Context Optimize: How We Cut LLM Input Tokens 30-70% Without Losing Accuracy
The problem: you are paying for formatting, not meaning
LLM input tokens are expensive. Claude Opus 4.6 charges $15 per million input tokens. GPT-4 is in the same ballpark. And in production workloads — agent loops, RAG pipelines, tool-heavy workflows — a large fraction of those tokens carry zero semantic weight.
Consider what actually gets stuffed into context on every request: pretty-printed JSON with indentation and newlines that a model does not need. Identical tool schemas repeated on every turn of an agent loop. System prompts duplicated inside user messages by certain frameworks. Long chat histories where early turns are no longer relevant. Multiple spaces and blank lines that inflate token counts without adding information.
We measured real payloads from agentic coding sessions, RAG pipelines, and API response analysis workflows. The formatting waste ranged from 29% to 71% of the total input tokens. That is money burned on whitespace and repetition.
Two modes: safe and aggressive
Context Optimize ships with two modes, both off by default.
Safe mode: five deterministic, lossless transforms
Safe mode applies five transforms that are fully reversible and never alter semantic content:
- JSON minification — finds JSON objects and arrays in message content using
json.JSONDecoder.raw_decode, then re-serializes them with no whitespace. Content inside fenced code blocks is skipped. The compact form only replaces the original if it is actually shorter. - Tool schema deduplication — detects identical tool/function schemas across messages by comparing their canonical JSON representation. The first occurrence is kept in full. Subsequent copies are replaced with a short reference like
[see tool "web_search" schema above]. - System prompt deduplication — if the system prompt text appears verbatim in a later user message (common in some orchestration frameworks), the duplicate is removed from the later message. The system message itself is never modified.

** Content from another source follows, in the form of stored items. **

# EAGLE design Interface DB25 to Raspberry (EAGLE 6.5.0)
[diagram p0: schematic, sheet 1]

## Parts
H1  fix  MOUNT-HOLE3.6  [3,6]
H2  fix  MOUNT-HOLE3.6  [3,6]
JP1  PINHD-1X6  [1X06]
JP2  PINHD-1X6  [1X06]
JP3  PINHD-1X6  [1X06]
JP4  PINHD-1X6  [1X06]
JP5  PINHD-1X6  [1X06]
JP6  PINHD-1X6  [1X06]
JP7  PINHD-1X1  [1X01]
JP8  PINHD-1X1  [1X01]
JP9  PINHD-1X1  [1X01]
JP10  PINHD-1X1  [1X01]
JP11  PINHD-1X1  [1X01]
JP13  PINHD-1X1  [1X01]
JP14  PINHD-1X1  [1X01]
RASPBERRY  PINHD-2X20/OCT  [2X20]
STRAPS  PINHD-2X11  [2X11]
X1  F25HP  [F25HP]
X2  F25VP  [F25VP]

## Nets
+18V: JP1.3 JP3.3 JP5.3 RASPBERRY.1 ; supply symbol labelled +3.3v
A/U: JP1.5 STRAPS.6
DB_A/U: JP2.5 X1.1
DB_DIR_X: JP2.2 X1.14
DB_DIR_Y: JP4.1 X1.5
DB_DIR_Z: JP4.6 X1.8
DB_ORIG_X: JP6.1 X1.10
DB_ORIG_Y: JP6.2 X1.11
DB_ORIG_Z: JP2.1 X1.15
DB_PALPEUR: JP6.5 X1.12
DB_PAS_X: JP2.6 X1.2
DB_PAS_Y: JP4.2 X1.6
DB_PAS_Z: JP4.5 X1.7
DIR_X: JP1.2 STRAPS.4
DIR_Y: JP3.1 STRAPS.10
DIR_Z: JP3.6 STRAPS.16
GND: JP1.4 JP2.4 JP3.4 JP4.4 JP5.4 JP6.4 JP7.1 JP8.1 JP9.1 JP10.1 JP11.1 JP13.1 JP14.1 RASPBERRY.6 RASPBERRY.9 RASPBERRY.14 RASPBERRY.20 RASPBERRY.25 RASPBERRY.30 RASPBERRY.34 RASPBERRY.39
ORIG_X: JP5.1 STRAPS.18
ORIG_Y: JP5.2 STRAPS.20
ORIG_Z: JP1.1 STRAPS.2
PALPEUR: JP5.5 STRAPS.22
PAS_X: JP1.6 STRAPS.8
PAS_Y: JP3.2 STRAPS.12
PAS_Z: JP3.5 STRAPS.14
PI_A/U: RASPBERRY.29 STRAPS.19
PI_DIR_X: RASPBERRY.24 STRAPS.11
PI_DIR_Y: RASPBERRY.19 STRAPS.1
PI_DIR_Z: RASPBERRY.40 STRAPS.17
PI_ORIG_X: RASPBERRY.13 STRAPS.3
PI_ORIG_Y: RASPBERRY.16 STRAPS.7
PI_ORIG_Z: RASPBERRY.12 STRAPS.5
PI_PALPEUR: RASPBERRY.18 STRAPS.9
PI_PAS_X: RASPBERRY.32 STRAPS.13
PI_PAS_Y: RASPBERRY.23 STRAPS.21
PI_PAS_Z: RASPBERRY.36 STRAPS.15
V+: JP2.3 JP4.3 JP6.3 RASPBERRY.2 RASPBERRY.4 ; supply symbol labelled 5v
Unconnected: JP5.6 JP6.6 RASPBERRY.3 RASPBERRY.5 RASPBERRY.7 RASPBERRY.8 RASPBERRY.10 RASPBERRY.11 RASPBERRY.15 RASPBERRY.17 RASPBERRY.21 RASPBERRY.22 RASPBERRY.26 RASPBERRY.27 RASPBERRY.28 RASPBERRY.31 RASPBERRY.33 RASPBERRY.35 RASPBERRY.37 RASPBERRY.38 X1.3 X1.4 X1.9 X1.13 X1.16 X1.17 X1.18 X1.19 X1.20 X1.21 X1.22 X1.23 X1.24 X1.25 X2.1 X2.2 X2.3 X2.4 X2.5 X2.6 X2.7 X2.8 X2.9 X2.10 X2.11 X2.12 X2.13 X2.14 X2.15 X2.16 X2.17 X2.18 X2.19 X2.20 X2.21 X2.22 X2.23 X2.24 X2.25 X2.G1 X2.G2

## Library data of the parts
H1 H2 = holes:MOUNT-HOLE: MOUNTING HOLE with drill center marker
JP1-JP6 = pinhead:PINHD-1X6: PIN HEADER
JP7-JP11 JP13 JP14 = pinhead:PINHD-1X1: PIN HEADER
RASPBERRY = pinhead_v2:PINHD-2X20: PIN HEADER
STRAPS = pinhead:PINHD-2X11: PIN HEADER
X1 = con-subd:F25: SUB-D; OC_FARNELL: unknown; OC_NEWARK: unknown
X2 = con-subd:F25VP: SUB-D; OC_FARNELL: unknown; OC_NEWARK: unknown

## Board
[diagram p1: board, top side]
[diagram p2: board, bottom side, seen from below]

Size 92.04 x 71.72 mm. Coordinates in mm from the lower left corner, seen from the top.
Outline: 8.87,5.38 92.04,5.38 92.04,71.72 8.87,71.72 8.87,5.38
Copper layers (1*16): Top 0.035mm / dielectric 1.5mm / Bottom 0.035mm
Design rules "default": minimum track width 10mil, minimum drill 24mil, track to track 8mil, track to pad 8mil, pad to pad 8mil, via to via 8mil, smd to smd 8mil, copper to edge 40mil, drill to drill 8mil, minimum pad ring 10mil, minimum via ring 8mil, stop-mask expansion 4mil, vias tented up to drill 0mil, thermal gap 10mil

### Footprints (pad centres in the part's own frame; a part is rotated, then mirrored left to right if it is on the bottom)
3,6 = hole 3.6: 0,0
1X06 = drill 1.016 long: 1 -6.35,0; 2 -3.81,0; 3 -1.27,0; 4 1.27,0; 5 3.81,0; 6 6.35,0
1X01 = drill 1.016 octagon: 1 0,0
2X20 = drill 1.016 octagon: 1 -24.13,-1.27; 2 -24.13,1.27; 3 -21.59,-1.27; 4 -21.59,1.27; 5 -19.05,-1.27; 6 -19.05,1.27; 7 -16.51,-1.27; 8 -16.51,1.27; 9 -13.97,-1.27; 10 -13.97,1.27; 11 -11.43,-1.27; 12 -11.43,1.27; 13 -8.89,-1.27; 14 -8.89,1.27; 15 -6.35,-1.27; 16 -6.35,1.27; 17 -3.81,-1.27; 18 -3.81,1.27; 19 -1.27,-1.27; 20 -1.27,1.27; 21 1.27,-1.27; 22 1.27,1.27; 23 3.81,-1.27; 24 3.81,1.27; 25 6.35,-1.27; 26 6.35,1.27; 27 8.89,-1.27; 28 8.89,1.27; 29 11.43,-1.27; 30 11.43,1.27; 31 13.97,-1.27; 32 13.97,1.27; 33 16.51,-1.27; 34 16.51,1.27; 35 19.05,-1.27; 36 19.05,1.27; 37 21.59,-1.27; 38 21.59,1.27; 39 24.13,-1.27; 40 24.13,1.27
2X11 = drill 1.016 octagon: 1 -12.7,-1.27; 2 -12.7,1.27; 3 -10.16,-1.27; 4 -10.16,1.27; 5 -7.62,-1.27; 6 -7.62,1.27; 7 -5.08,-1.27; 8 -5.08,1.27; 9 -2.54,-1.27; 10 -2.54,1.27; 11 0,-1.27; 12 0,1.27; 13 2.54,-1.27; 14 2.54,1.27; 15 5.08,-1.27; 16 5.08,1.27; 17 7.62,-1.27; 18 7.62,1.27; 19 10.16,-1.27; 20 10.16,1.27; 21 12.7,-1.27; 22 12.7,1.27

- Whitespace normalization — collapses three or more consecutive blank lines to two, and collapses runs of multiple spaces to one. Lines inside fenced code blocks are skipped to preserve formatting where it matters.
- Chat history trimming — for conversations exceeding a configurable turn limit (default: 40), keeps the system prompt, the first user/assistant turn for task context, and the last N turns. A placeholder message notes how many turns were trimmed.
Every transform checks that its output is smaller than its input. If a replacement would somehow be larger, the original is kept untouched.
Aggressive mode: safe transforms + semantic deduplication
Aggressive mode runs all five safe transforms, then adds a sixth: semantic deduplication using sentence embeddings. It loads the all-MiniLM-L6-v2 model to compute embeddings for each message, compares them pairwise by cosine similarity, and compacts near-duplicate messages (similarity ≥ 0.85) into a short reference plus the unique differences.
System messages and short messages (under 60 characters) are never touched by semantic dedup.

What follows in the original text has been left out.